Title

Performance of erythorbic acid as an oxygen scavenger in thermally aged lean MEG

Document Type

Journal Article

Publisher

Elsevier

School

School of Engineering

Comments

Originally published as: Al Helal, A., Soames, A., Gubner, R., Iglauer, S., & Barifcani, A. (2018). Performance of erythorbic acid as an oxygen scavenger in thermally aged lean MEG. Journal of Petroleum Science and Engineering, 170, 911-921. Original article available here

Abstract

The objective of this work is to further evaluate the performance of the erythorbic acid oxygen scavenger designed by (Kundu and Seiersten, 2017) within 85% wt. Thermally Aged Lean Mono Ethylene Glycol (TAL-MEG). Experiments were performed at two levels of dissolved oxygen concentrations including 1000 ppb and >7500 ppb at pH values of 6, 9 and 11. Furthermore, the erythorbic acid oxygen scavenger was evaluated under conditions representative of an industrial MEG regeneration system in terms of salt and organic acid concentrations to replicate field usage. Strong performance of erythorbic acid in combination with manganese and diethylethanolamine (DEAE) was observed under field conditions suggesting that erythorbic acid may provide an attractive alternative oxygen scavenger for use in the oil and gas industry in place of traditional sulfite based scavengers.
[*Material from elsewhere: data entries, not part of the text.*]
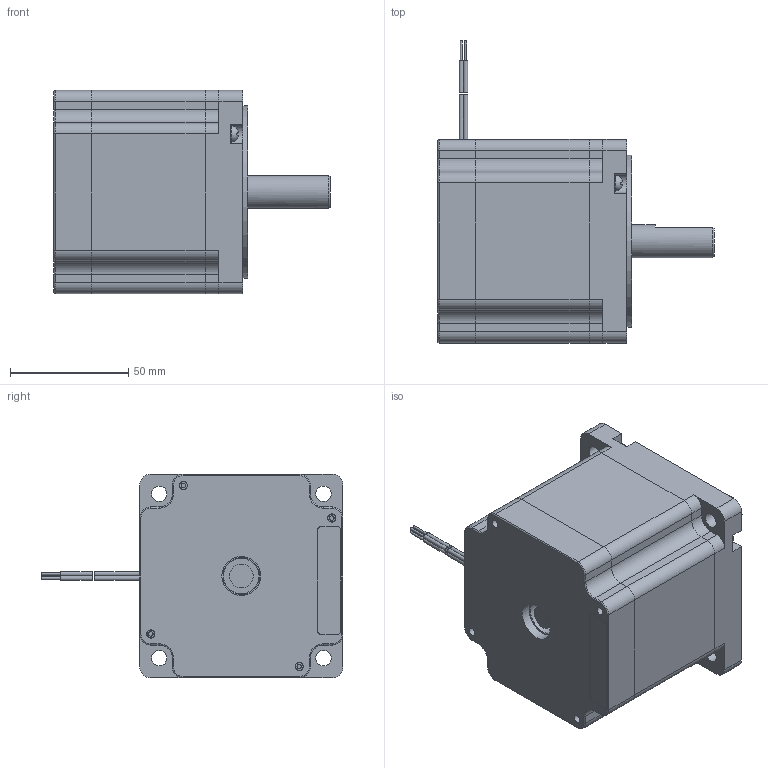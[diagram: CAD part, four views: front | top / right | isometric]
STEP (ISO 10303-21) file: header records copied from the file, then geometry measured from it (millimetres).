
FILE_DESCRIPTION((''),'1');
FILE_NAME('C:/Users/mulloa/Desktop/M-3431-6.3S.stp', '2019-04-02T15:58:10',(''), (''), 'KCM Version 1.1.0.0', 'KeyCreator', '');
FILE_SCHEMA(('AUTOMOTIVE_DESIGN'));
Length unit declared in the file: inch
Bounding box: 117.07 x 127.89 x 86.11 mm (x, y, z)
Volume: 550485.3 mm3; surface area: 123502.8 mm2
Topology: 40 solids, 40 shells, 434 faces, 1010 edges, 711 vertices
Faces by surface type: plane 206, cylinder 147, cone 43, torus 27, extrusion 6, bspline 5
Full cylindrical faces by diameter (mm): 1.016 x4, 1.778 x9, 1.829 x8, 3.429 x4, 4.496 x8, 6.374 x1, 6.502 x4, 6.731 x4, 10 x1, 14 x1, 15 x2, 16.51 x2, 17.78 x1, 35 x4, 50.8 x1, 52.197 x1, 52.3 x2, 52.324 x1, 56.21 x1, 59.004 x1, 73 x1, 76.276 x1, 77.8 x1
Entity records: 13232 total; most frequent: CARTESIAN_POINT 2486, DIRECTION 2259, ORIENTED_EDGE 1948, EDGE_CURVE 974, AXIS2_PLACEMENT_3D 893, VERTEX_POINT 639, EDGE_LOOP 493, VECTOR 473

However, the results generated within TAL-MEG showed a reduction in the performance of erythorbic acid oxygen scavenger when compared to fresh MEG solution. Moreover, results confirmed that varying acetic acid concentration did not affect oxygen scavenger performance within TAL-MEG. It was observed that the pH of the solution was the primary factor in determining the performance of the erythorbic oxygen scavenger tested with insufficient oxygen removal achieved at a pH of 6. In contrast, strong performance was achieved at pH 9 and 11 successfully reaching below 20 ppb dissolved oxygen concentration within a reasonable timeframe with little to no impact due to the presence of mineral salt ions and organic acids.